--- Record set ---
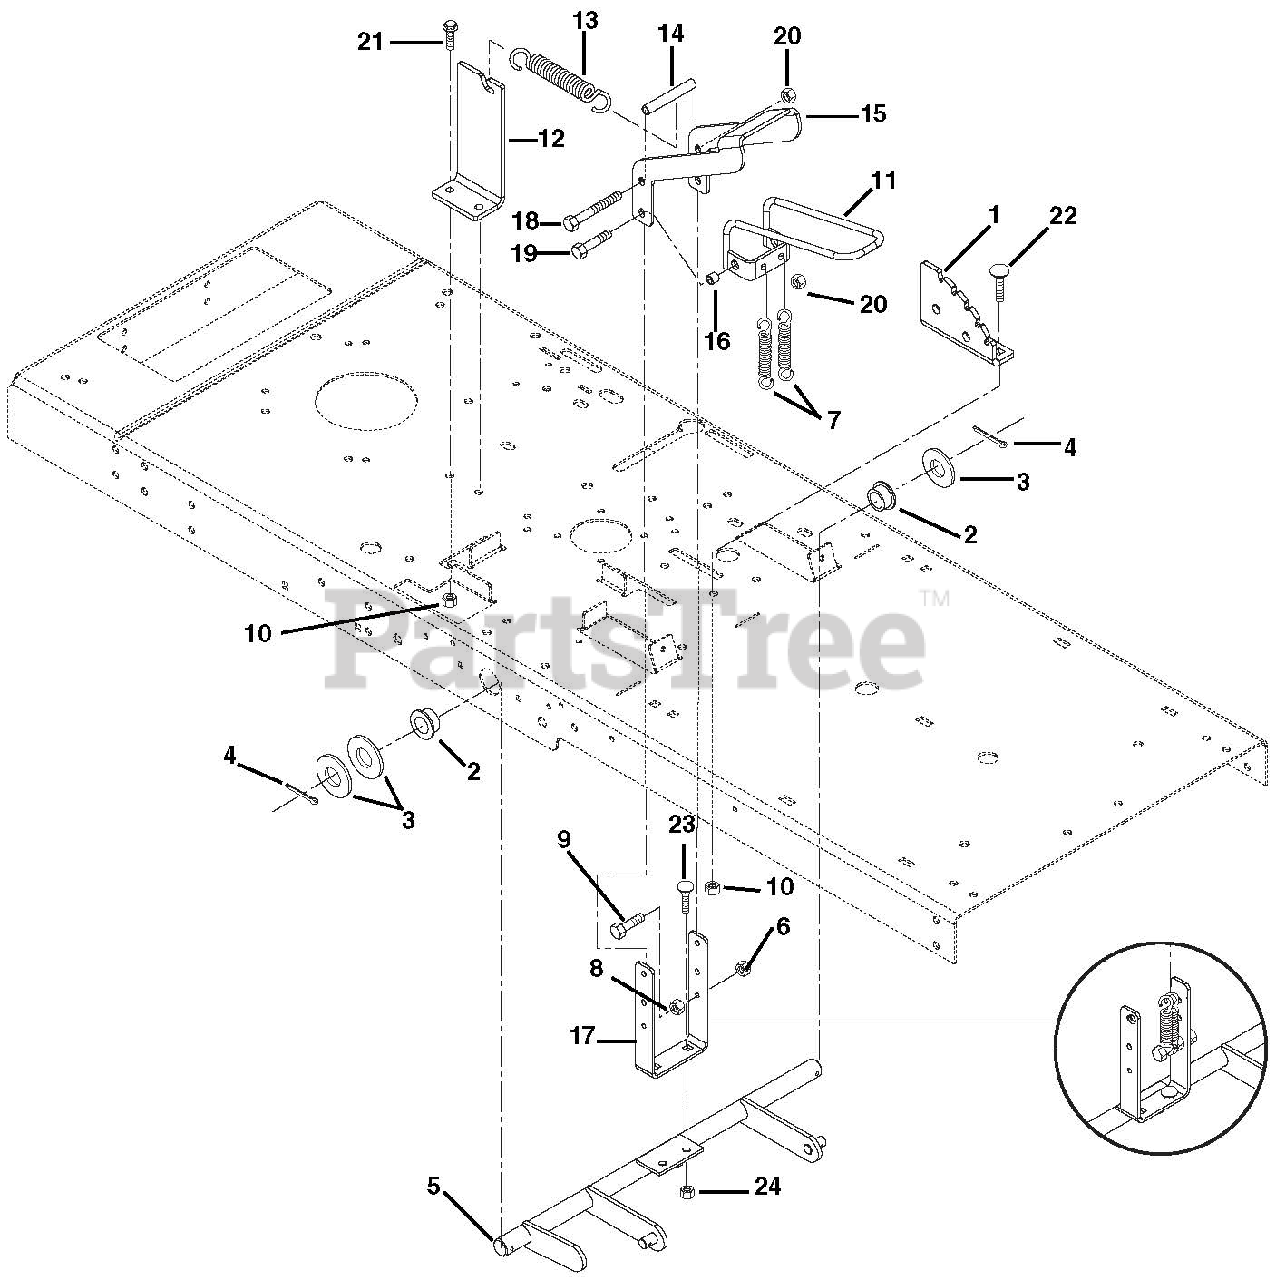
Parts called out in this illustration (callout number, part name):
1	DETENT, PLATE
2	BSHG-FLG1.020X1.385X.75X1.75NY
3	WSHR-FL-STL- 1.062X2.0X.134 YZ
4	@PIN-CTR .18X1.50 EXTPRSQCT YZ
5	LIFT, WLDM'T
6	@NUT-LK-CTR .25-20 YWZC
7	SG-TENS .092X.69X1.75 WLD 54
8	@NUT-HEX .25-20 YWZC
9	@BLT-HEX .25-20X2.00 GR5 YWZC
10	@NUT-LK-CTR .38-16 YWZC
11	RELEASE WLDM'T
12	BRACKET, LIFT
13	SG-TENS .187X1.50X9.94 WLD 40
14	SPACER .328 X .462 X 3.14
15	HANDLE, DECKLIFT
16	SPACER .328 X .462 X .410
17	BRACKET, HANDLE
18	@BLT-HEX .31-18X4.50 GR5 YWZC
19	@BLT-HEX .31-18X1.25 GR5 YWZC
20	@NUT-LK-NYL .312-18 YWZC
21	@BLT-HEX .38-16X1.00 GR5 YWZC
22	@BLT-RDHDSQNK .38-16X.75 G5YZ
23	@BLT-RDHDSQNK .38-16X1.00 G5YZ
24	@NUT-LK-TOP-FLG .38-16 YWZC
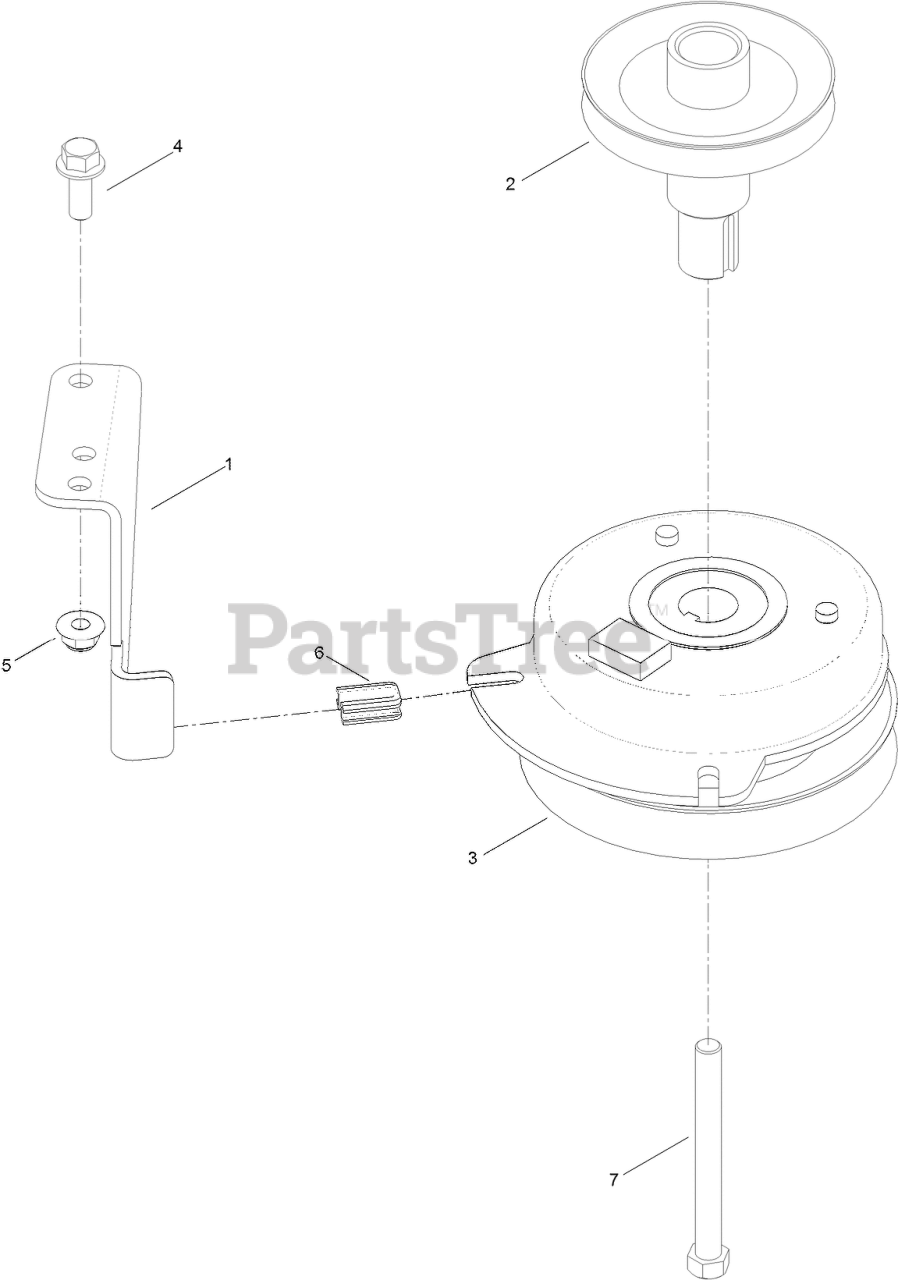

--- Exercise ---
Across the material above, count every line holding "SPACER" and write down only the number.

--- Completed task ---
2